The hum of the pesky mosquito is getting louder. Not only are diseases like Dengue and Chikungunya becoming a growing concern, but now, there are news reports that the deadly Zika virus is also knocking our doors.

twitter-logo E Kumar Sharma   New Delhi     Last Updated: September 13, 2016  | 13:27 IST
Mosquito Blues: Sri Lanka becomes malaria-free; India lost a chance in the 1960s, can we do it by 2030?
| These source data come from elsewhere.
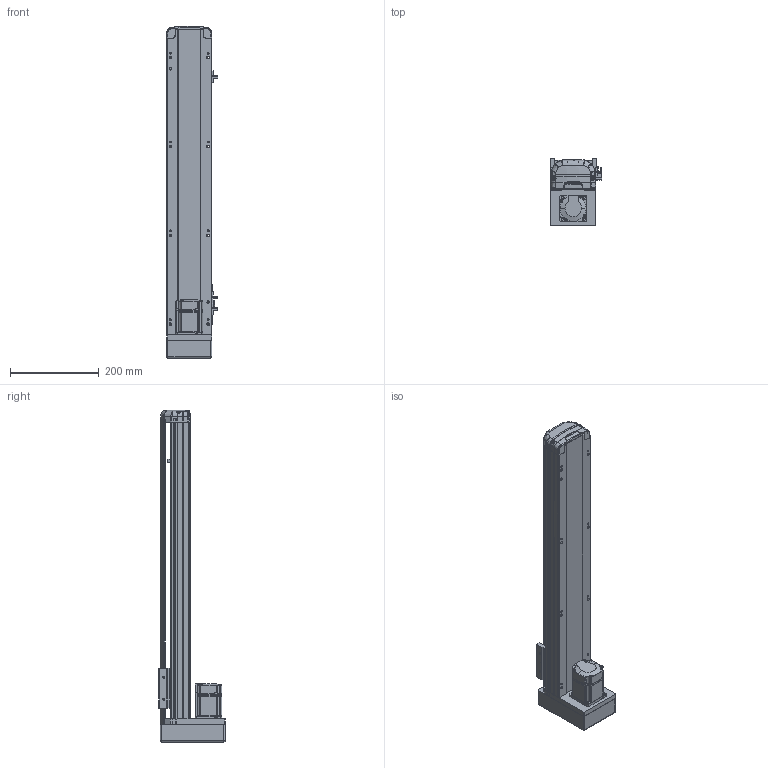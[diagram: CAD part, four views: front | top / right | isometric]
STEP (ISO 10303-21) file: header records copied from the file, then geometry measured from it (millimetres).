
FILE_DESCRIPTION (( 'STEP AP214' ), '1' );
FILE_NAME ('RTH10-XX-500-M-M20-C4.STEP', '2025-10-25T04:49:46', ( 'Microsoft' ), ( 'Microsoft' ), 'SwSTEP 2.0', 'SolidWorks 2018', '' );
FILE_SCHEMA (( 'AUTOMOTIVE_DESIGN' ));
Length unit declared in the file: millimetre
Products named in the file (10): N_OMRON EE-SX672 传感器^RTH10-XX-XX-M-M20-C4; RTH10-XX-500-M-M20-C4; N_RTH12-M-011P-臏倰第菁釱^RTH10-XX-XX-M-M20-C4; N_RTH12-GY-004-賑釱^RTH10-XX-XX-M-M20-C4; N_RTH12-M-018-裔赽^RTH10-XX-XX-M-M20-C4; N_RTH12-M-008-萇儂啣^RTH10-XX-XX-M-M20-C4; N_200W-1^RTH10-XX-XX-M-M20-C4; N_RTH12-M-007P-奻裔^RTH10-XX-XX-M-M20-C4; N_RTH13-L-012覜茼え俋离^RTH10-XX-XX-M-M20-C4; N_RTH12-GY-001P^RTH10-XX-XX-M-M20-C4
Assembly tree (11 placements, depth 2):
  RTH10-XX-500-M-M20-C4
    N_RTH12-M-011P-臏倰第菁釱^RTH10-XX-XX-M-M20-C4
    N_RTH13-L-012覜茼え俋离^RTH10-XX-XX-M-M20-C4
    N_OMRON EE-SX672 传感器^RTH10-XX-XX-M-M20-C4  x3
    N_200W-1^RTH10-XX-XX-M-M20-C4
    N_RTH12-M-007P-奻裔^RTH10-XX-XX-M-M20-C4
    N_RTH12-M-008-萇儂啣^RTH10-XX-XX-M-M20-C4
    N_RTH12-M-018-裔赽^RTH10-XX-XX-M-M20-C4
    N_RTH12-GY-004-賑釱^RTH10-XX-XX-M-M20-C4
    N_RTH12-GY-001P^RTH10-XX-XX-M-M20-C4
Bounding box: 116.5 x 149 x 747.14 mm (x, y, z)
Volume: 3710472.8 mm3; surface area: 553137.6 mm2
Topology: 10 solids, 12 shells, 1969 faces, 5482 edges, 3599 vertices
Faces by surface type: plane 987, cylinder 475, bspline 472, cone 29, sphere 4, torus 2
Entity records: 59120 total; most frequent: CARTESIAN_POINT 23227, ORIENTED_EDGE 8036, DIRECTION 6212, EDGE_CURVE 4024, VERTEX_POINT 2643, LINE 2172, VECTOR 2172, AXIS2_PLACEMENT_3D 2020

The hum of the pesky mosquito is getting louder. Not only are diseases like Dengue and Chikungunya becoming a growing concern, but now, there are news reports that the deadly Zika virus is also knocking our doors. All these diseases are spread through a mosquito bite. Infact, after Zika was first detected in Brazil in 2015, Dr. Kleber G Luz, an infectious diseases specialist at the Federal University of Rio Grande do Norte in Brazil and one who attended some of the first patients of this virus, told Business Today that India, too, needs to be worried about Zika. He said: "India is a big country. People travel within India and out of the country all the time and most importantly, while India doesn't have rainforest like Amazon in Brazil, still India has plenty of mosquitoes." But, at the moment, it is not Zika that is hurting. What is stinging the mind space of many Indians is the development next door in Sri Lanka.  

On September 5th, the World Health Organisation certified island-nation Sri Lanka as malaria-free after a long battle against the life-threatening disease. Whereas, India, almost 50 times in area compared to Sri Lanka, is still grappling with the disease as one to two million malaria cases are reported in the country every year, though numbers are under-reported. Many cases and deaths, especially in remote, tribal locations and disturbed areas do not get reported and in many cases the cause of death is also not clearly assigned.

The story was not always bad like this. In fact, in 1960s, India was pretty close to not only eliminate malaria, but eradicate it. The main weapon to deal with malaria at that time was the DDT spray, a powerful insecticide against the Anopheles mosquito, the main carrier or the host for malaria parasite. But in 1970s, the cases of malaria start increasing. "This happened due to a bit of complacency which led to some laxity in the programme. Plus, by then even DDT resistance may have developed," feels Dr Sowmya Swaminathan, director general of Indian Council of Medical Research (ICMR). But, she sees some improvement in the situation as some states like Punjab are looking poised to get to a stage of eliminating malaria, however, there are still regions where problems exist.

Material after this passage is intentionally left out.